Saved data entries
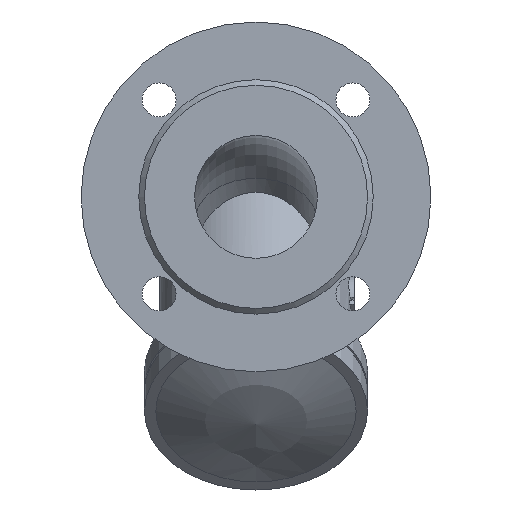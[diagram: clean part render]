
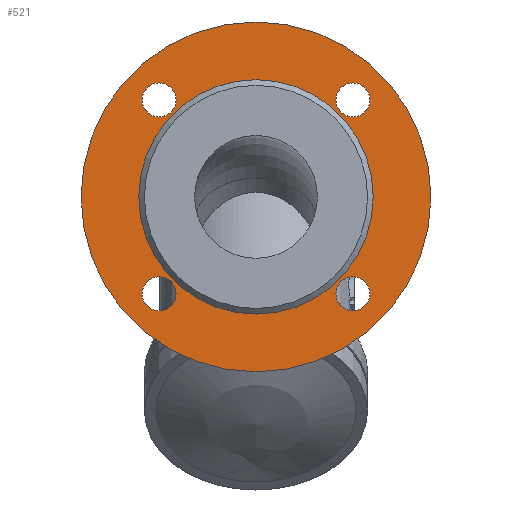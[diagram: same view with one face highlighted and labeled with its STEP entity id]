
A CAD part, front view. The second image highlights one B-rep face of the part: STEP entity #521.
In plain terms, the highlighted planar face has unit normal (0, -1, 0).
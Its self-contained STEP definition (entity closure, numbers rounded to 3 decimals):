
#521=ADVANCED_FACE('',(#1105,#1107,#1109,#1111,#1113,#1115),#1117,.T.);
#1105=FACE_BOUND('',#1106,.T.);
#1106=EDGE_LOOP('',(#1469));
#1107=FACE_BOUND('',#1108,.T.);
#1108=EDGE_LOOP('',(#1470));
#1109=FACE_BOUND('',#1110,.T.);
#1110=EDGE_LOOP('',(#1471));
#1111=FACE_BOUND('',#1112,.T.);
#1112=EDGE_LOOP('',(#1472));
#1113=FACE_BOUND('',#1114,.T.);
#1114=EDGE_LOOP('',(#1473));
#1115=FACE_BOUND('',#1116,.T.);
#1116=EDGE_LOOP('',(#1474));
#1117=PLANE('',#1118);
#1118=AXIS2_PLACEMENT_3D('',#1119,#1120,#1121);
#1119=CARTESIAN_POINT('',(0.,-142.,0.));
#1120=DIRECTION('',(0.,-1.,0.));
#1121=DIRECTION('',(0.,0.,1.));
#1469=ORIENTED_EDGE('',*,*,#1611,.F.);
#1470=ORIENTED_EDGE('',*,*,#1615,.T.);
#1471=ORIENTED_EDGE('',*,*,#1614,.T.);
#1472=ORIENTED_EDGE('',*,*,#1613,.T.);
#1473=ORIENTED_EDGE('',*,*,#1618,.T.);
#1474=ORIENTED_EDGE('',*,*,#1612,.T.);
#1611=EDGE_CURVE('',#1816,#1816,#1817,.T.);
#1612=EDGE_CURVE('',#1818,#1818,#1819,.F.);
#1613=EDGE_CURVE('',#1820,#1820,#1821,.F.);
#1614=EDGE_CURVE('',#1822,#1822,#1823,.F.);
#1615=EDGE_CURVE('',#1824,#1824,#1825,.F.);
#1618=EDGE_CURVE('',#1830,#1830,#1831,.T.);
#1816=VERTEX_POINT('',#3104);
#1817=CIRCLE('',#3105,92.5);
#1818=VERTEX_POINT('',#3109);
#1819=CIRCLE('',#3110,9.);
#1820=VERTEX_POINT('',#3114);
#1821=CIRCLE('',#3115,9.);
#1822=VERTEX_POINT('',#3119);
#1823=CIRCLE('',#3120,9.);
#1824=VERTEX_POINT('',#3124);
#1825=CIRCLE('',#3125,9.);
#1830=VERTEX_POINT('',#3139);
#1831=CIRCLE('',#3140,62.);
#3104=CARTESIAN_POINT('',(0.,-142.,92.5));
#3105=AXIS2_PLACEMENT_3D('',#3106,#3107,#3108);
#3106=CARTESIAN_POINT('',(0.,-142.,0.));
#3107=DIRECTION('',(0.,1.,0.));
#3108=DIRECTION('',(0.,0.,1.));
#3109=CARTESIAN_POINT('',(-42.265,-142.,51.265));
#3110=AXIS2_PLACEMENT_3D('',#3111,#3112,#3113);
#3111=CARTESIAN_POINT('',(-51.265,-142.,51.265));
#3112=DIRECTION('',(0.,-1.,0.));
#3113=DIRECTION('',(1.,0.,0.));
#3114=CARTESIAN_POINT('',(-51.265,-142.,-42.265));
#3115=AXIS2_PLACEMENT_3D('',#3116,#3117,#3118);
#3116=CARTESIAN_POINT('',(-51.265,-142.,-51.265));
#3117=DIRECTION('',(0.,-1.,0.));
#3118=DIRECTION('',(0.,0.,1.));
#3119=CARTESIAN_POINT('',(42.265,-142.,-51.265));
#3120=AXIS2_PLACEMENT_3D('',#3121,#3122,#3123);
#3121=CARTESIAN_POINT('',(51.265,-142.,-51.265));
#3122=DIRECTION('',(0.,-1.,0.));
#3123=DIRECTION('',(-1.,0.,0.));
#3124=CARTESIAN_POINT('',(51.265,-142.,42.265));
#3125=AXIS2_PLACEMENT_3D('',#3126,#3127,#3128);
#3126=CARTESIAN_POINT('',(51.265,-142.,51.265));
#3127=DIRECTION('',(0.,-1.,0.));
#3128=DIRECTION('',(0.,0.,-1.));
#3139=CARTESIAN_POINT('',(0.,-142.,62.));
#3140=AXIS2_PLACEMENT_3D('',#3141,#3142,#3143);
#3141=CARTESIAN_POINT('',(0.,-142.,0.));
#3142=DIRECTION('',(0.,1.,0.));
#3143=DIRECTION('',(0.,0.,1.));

Task details>
What is needed is a word-for-word copy of the lines from the start of the data to the line with "In plain terms, the", inclusive, with no pictures in it.

Response to this exercise>
[diagram: clean part render]
[diagram: same view with one face highlighted and labeled with its STEP entity id]
A CAD part, front view. The second image highlights one B-rep face of the part: STEP entity #521.
In plain terms, the highlighted planar face has unit normal (0, -1, 0).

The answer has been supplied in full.